* **WHAT IS REQUIRED**
Only the lines that hold the word "Tension" are wanted from this listing.

═══ RECORD EXCERPTS ═══

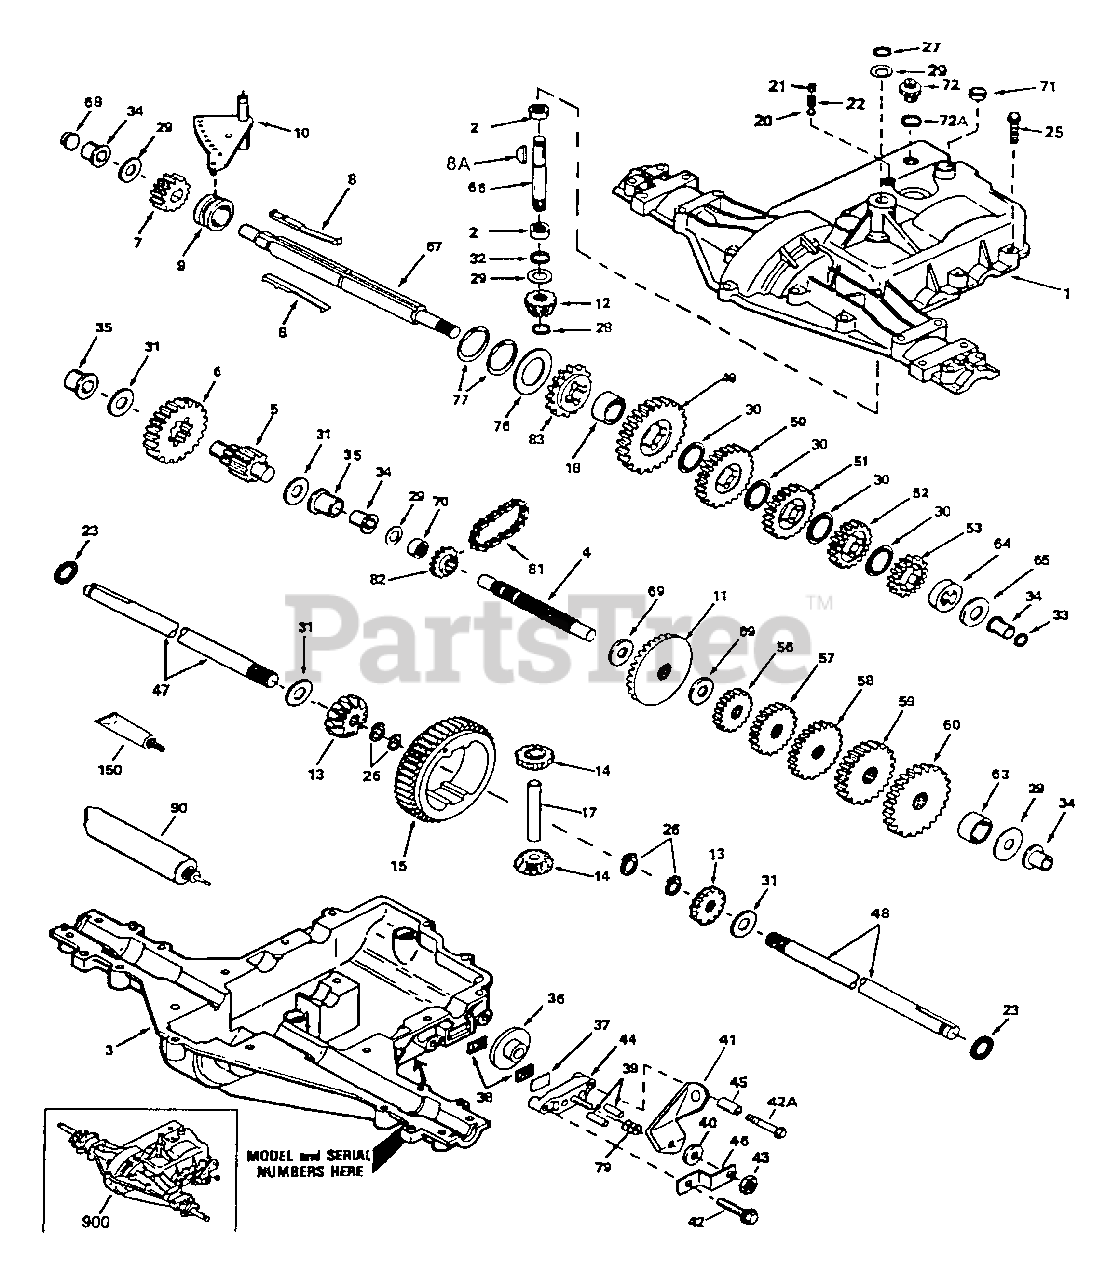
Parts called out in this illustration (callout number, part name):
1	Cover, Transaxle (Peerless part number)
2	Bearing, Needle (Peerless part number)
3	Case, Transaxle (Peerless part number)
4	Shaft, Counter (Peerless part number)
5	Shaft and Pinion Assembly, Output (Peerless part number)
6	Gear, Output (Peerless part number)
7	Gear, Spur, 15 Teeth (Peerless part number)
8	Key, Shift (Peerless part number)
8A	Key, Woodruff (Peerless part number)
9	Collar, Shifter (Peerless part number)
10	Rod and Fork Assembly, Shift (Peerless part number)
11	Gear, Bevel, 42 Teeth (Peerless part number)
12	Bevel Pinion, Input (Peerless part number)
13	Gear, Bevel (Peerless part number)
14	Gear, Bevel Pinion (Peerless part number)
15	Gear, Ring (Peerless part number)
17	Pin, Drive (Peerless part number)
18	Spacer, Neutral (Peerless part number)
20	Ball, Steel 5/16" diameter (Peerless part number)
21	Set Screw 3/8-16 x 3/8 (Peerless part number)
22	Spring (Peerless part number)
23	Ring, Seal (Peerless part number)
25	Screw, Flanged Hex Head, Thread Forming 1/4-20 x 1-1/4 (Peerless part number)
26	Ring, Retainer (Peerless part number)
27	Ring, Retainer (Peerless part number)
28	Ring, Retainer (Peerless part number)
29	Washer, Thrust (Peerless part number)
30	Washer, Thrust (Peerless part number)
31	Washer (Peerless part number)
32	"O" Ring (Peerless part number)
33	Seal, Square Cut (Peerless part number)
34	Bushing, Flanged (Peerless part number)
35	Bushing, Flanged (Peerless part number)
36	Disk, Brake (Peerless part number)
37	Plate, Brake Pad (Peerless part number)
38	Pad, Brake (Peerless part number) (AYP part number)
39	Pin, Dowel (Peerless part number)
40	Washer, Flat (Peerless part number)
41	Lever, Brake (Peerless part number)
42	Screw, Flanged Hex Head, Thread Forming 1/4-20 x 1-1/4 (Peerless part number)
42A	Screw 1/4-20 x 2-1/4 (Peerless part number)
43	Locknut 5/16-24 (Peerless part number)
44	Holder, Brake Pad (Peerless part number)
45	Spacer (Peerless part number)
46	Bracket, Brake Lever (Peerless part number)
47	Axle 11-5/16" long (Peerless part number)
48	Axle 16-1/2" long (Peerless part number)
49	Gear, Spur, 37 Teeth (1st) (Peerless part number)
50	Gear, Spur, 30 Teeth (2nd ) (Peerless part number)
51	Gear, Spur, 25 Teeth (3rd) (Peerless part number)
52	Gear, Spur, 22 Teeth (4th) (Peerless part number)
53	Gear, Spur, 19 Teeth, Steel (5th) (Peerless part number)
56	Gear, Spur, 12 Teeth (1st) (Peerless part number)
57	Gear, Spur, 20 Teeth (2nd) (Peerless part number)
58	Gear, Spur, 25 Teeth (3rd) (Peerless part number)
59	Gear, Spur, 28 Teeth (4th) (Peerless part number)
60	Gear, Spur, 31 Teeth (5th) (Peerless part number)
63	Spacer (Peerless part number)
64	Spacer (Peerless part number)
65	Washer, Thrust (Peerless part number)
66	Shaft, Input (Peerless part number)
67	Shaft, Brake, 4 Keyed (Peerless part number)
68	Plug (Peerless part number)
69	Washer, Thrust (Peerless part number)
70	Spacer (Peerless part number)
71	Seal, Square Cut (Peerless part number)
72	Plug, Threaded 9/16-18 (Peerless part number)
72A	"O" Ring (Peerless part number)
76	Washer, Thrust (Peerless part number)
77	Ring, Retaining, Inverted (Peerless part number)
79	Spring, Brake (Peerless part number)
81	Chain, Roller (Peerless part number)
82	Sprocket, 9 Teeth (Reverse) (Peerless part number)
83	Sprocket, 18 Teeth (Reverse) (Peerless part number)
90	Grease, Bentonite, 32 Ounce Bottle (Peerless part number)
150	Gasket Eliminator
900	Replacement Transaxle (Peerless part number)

═══
═══ RECORD EXCERPTS ═══

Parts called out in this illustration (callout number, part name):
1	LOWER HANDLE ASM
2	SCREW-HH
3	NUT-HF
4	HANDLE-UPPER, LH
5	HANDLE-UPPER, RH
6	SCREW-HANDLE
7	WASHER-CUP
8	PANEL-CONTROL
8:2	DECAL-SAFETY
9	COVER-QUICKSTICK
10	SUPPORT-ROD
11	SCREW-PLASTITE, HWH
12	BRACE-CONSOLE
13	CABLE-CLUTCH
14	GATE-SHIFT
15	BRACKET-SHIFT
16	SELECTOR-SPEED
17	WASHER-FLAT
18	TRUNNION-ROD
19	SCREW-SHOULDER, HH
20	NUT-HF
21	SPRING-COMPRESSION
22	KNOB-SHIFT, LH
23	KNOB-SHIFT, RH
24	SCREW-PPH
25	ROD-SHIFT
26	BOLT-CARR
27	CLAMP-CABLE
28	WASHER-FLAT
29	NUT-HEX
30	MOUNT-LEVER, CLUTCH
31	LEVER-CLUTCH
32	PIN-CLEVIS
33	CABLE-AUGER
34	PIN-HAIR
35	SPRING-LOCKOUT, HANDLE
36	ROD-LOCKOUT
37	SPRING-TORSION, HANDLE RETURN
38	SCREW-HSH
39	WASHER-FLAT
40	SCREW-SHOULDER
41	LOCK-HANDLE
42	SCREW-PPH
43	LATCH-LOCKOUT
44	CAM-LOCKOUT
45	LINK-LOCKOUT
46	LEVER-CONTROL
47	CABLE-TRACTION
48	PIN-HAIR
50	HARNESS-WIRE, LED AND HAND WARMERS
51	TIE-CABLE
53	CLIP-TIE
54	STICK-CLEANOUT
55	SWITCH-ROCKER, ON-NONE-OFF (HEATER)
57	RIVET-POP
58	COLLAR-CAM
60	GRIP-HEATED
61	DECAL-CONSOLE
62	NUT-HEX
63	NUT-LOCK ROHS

═══
═══ RECORD EXCERPTS ═══

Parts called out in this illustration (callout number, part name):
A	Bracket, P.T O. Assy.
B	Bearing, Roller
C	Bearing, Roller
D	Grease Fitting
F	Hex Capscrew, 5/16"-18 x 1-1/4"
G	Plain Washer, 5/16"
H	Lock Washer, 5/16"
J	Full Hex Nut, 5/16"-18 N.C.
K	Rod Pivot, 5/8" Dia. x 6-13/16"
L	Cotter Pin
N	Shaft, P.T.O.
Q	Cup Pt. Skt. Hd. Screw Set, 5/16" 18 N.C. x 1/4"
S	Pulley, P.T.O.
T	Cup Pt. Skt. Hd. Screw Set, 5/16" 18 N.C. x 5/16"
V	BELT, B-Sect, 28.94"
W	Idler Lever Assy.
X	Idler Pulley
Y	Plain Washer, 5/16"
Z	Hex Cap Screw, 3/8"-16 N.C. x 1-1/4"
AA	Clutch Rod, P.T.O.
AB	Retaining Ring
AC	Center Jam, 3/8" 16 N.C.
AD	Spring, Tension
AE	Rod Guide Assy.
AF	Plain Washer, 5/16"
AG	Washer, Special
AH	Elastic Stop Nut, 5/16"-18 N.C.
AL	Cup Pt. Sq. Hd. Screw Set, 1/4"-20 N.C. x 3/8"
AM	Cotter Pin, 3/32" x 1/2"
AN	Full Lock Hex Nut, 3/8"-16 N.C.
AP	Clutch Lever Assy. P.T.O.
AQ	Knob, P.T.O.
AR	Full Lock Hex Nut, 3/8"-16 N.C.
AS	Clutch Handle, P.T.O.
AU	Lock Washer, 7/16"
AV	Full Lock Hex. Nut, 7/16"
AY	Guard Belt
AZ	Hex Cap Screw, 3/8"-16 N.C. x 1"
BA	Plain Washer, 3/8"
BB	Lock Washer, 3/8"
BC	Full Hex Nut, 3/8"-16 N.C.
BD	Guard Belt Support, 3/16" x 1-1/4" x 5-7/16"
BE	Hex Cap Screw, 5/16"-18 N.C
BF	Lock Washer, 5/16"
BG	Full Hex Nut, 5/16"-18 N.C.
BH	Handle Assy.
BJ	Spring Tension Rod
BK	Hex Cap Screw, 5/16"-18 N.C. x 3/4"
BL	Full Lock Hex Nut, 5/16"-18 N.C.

═══

* **OUTPUT FOR THIS EXERCISE**
AD	Spring, Tension
BJ	Spring Tension Rod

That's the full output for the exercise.